The tiny, somewhat out-of-the-way and absurdly charming "nonprofit gallery and grassroots community center" has been serving artists from the immediate local community since 2001 from its perch on a steep hillside among the redwoods, with a view of waves breaking at Moonstone Beach below. This month it hosts Honorable Mention, a showcase of work by students enrolled in honors and advanced painting classes at Humboldt State University. The works on display run the gamut of contemporary styles, from realism to colorful pop-naïvete to illustration saturated in pop culture.

These paintings are vastly different from one another. But as a group they feature a shared clarity of purpose and, often, a level of commitment to craft that reflects well on HSU painting professors Gina Tuzzi and Teresa Stanley. The exhibition is all over the place, but it's quite likeable.

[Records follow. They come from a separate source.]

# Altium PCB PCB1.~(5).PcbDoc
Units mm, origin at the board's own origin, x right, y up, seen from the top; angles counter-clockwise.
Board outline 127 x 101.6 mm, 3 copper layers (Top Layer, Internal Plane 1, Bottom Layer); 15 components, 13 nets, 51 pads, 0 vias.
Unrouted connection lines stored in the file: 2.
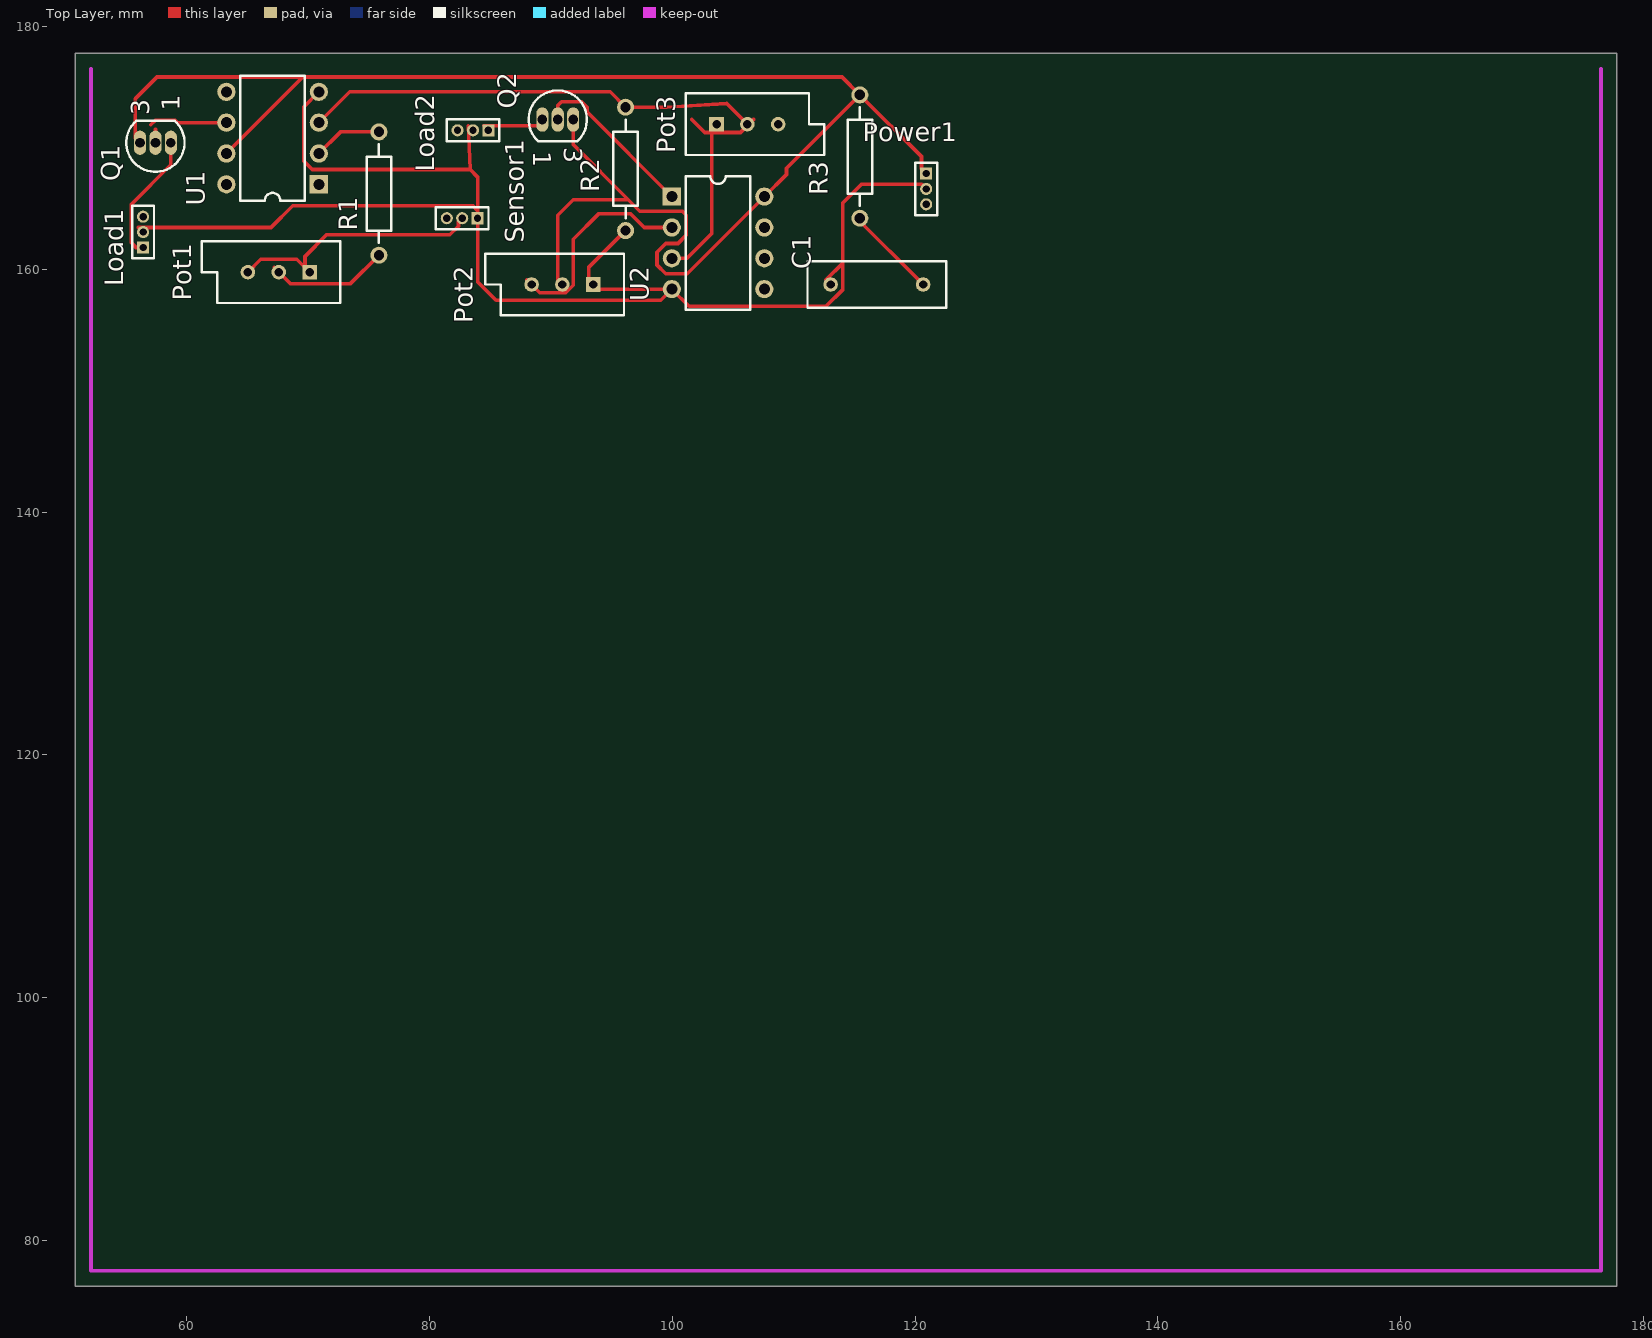
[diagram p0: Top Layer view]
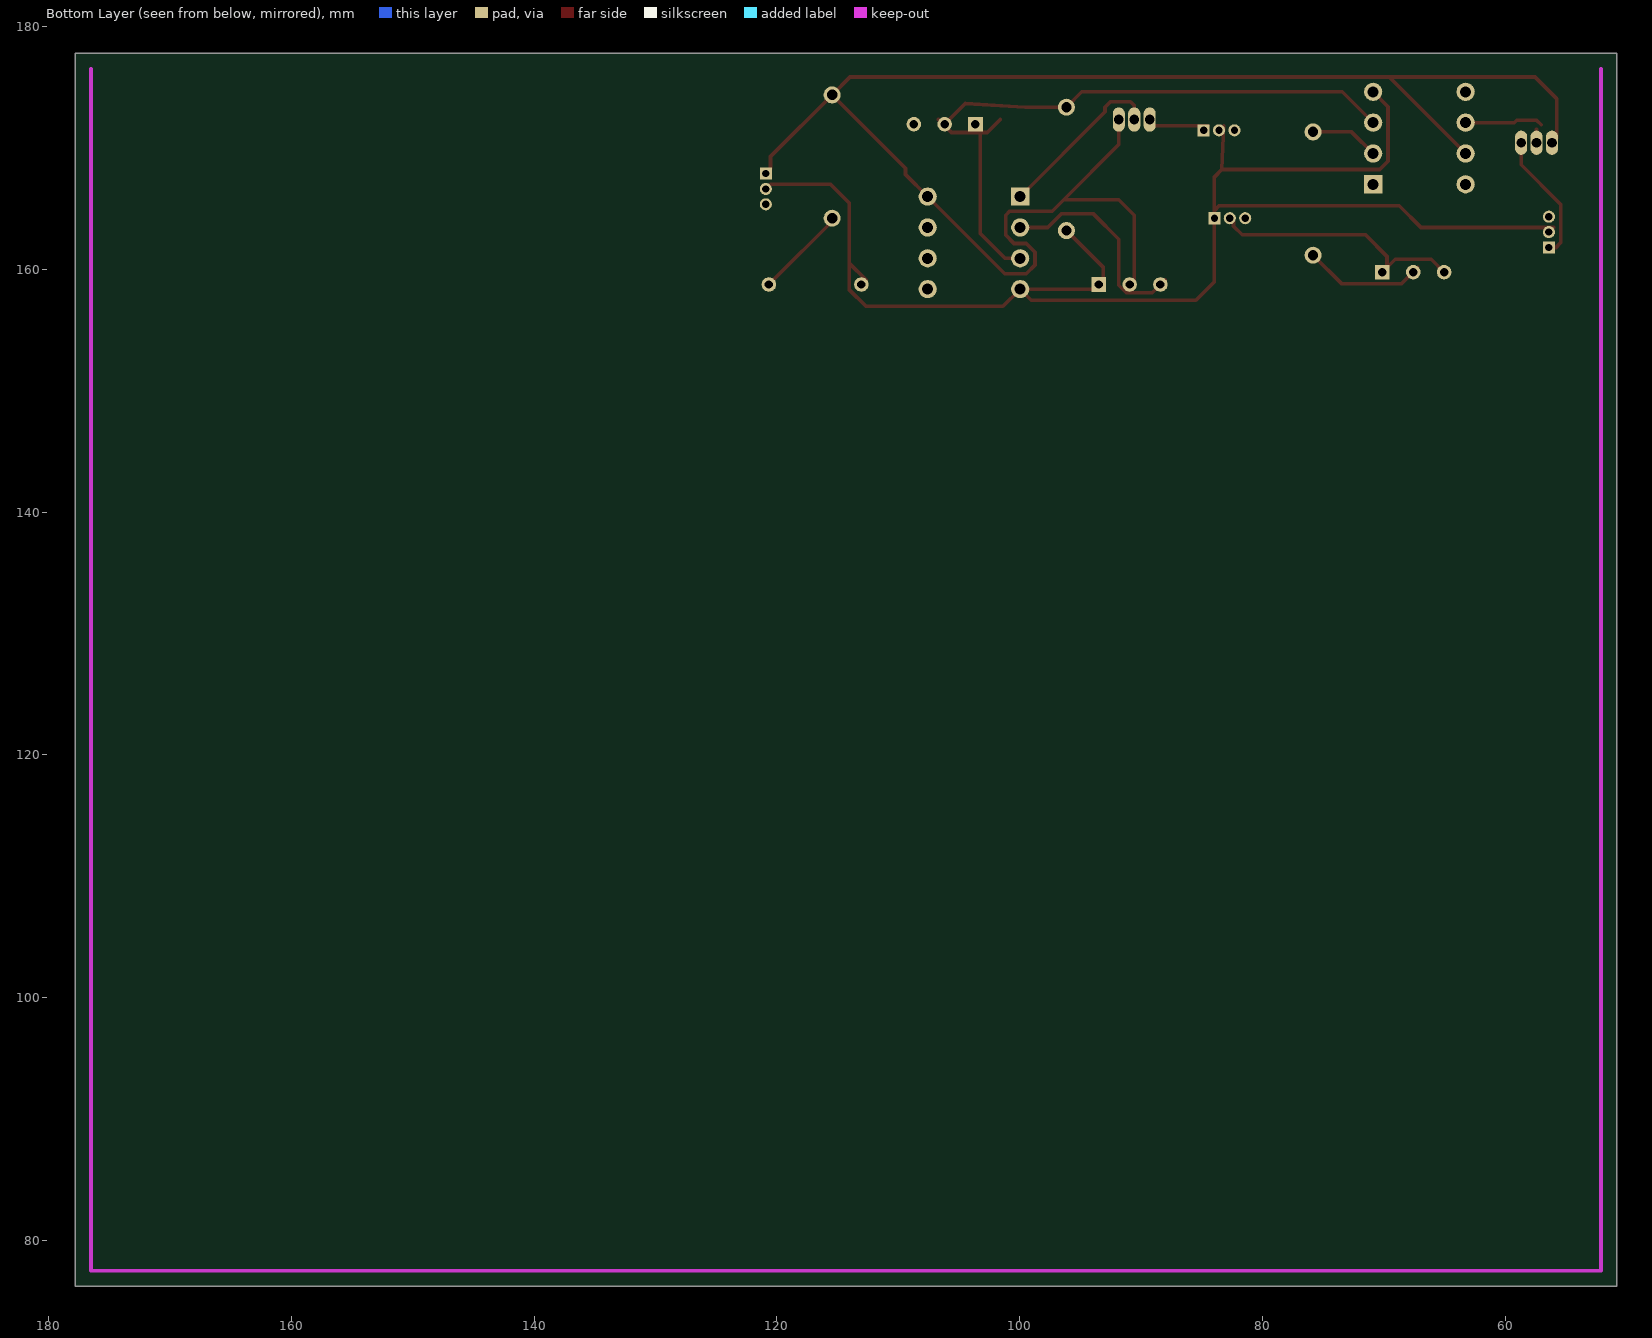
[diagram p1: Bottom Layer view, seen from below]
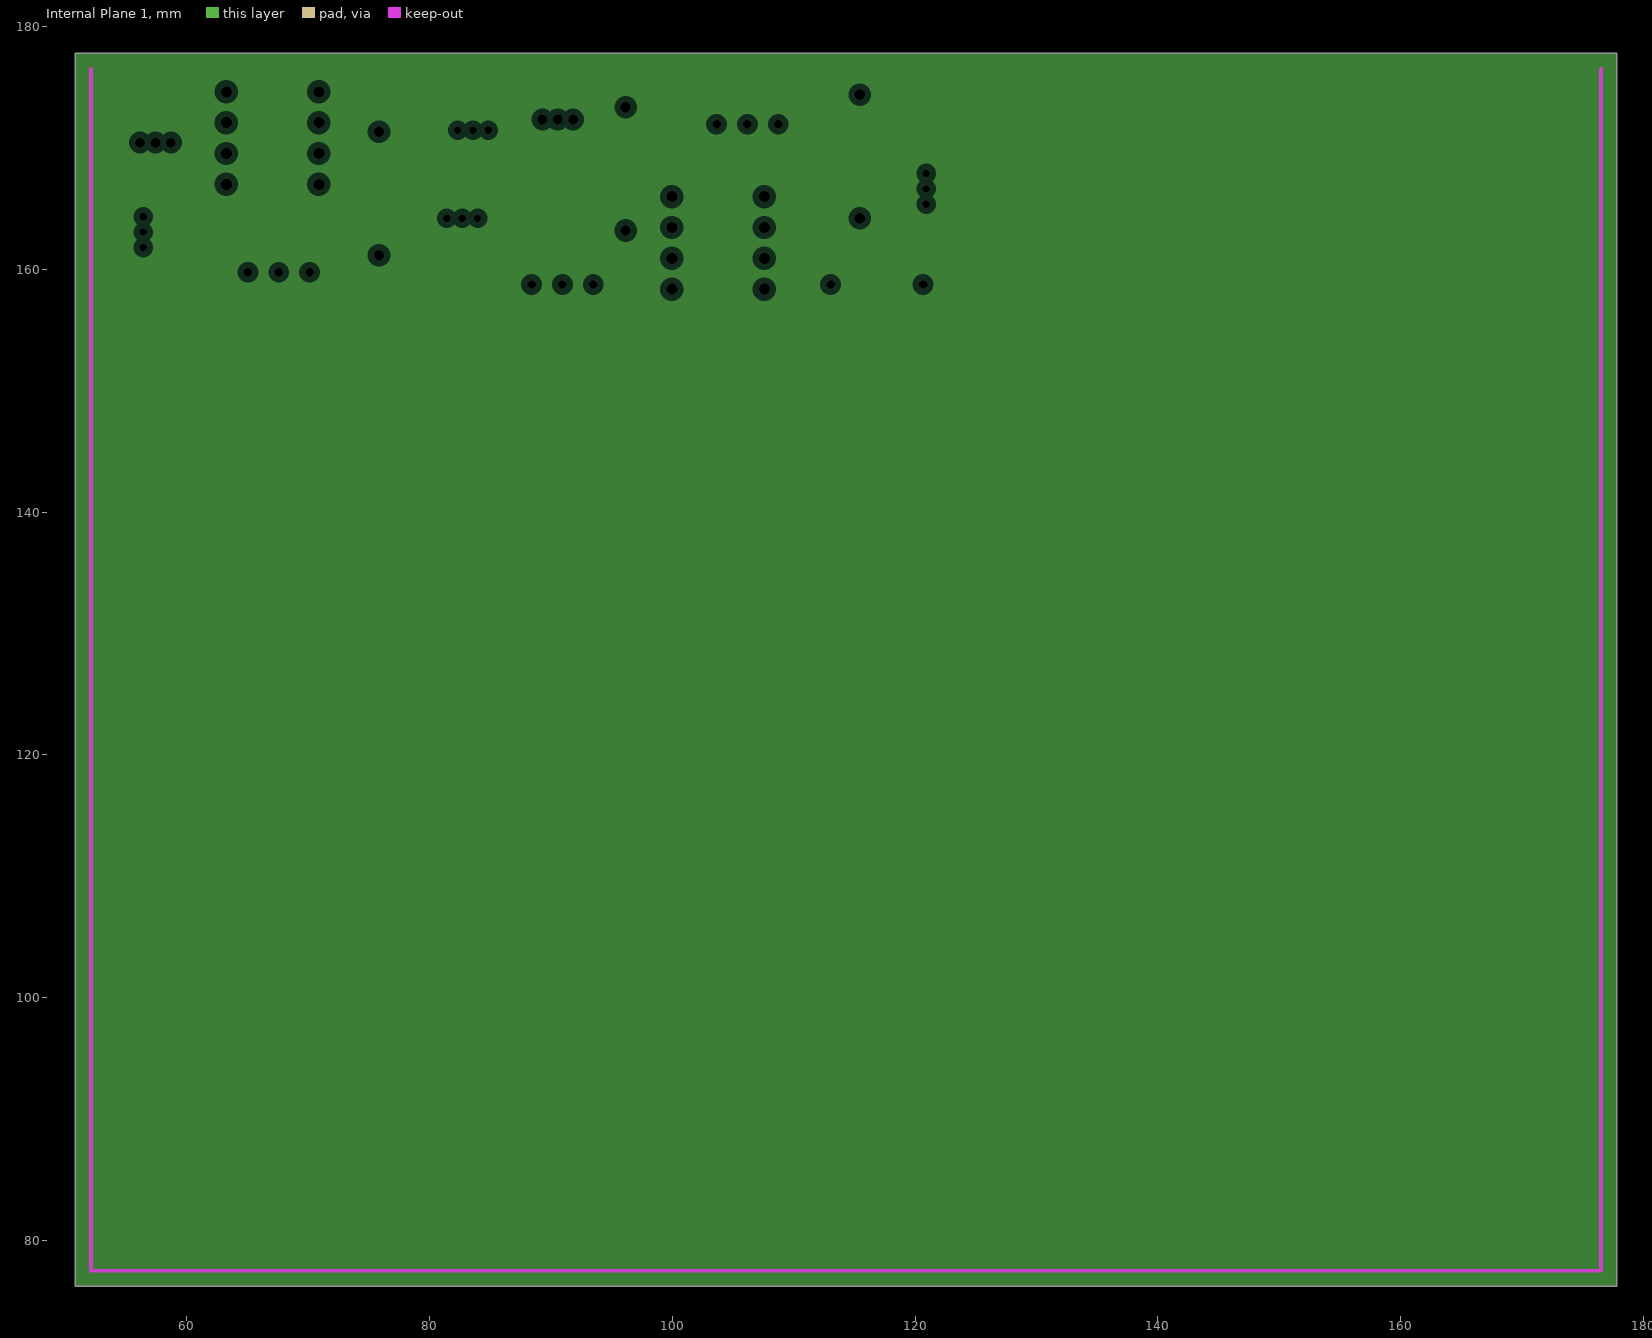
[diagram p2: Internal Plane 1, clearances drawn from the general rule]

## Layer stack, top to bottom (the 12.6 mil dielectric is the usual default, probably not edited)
Top Layer: signal copper 0.0356
Dielectric: dielectric 0.32, FR-4, Dk 4.8
Internal Plane 1: plane copper 0.0356
Dielectric: dielectric 0.32, FR-4, Dk 4.8
Bottom Layer: signal copper 0.0356

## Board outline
50.8,76.2 177.8,76.2 177.8,177.8 50.8,177.8

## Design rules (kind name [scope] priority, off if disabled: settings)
Clearance [All] p1: gap=0.3
ComponentClearance [All] p1: gap=0.254 collisioncheckmode=3 verticalgap=0.254
PlaneClearance [All] p1: clearance=0.508
PlaneConnect [All] p1: planeconnectstyle=Relief reliefexpansion=0.508 reliefentries=4 reliefconductorwidth=0.254 reliefairgap=0.254
PolygonConnect [All] p1: connectstyle=Relief reliefconductorwidth=0.254 reliefentries=4 polygonreliefangle="90 Angle"
RoomDefinition Sheet1 [InComponentClass('Sheet1')] p1: confinementstyle=ConfineIn formatcopy=TRUE lockcomponents=FALSE outline 52.324,154.559 124.46,154.559 124.46,177.038 52.324,177.038
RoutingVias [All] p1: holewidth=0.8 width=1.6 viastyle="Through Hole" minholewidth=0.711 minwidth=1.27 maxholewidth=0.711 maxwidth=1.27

Victor Feyling's mixed-media piece "Seven Days in the Sun" is comprised entirely of origami folds of paper in luscious colors that grade from petal pink and cream through fuchsia, violet and midnight blue. The surface is beguiling — at close range, the eye romps across an unpredictably undulating field comprised of overlapping angled planes.

Becca Baldwin's cool, thoughtful and suggestively titled "Lovely?" centers a rosette of skillfully painted trompe l'oeil satin scraps on a panel of blonde wood. The painted fragments grade imperceptibly into actual three-dimensional bits of fabric toward the center. The painting resists easy interpretation but the lustrous fabrics and muted pastel tones carry bridal connotations.

There are surreal visions here that fuse the decorous with the weird, like Leslie Padilla's meticulous watercolor and gouache illustrations. There are sarcastic improvisations on pop culture, like Shane Donaldson's sparely painted depiction of 1960s entertainer Tiny Tim dying for our sins on an aluminum cross. There are meditations on body image, like Angie Allen's nude study of a heavy model against a richly patterned backdrop. Alyssa Newton's moody urban landscape shows bar row on a quiet night, with neon lights flashing through a bank of fog. Danielle Carlson's seascape "Obsession" multiplies the perfect wave times five and stacks the long images horizontally, as though they were filmstrip frames.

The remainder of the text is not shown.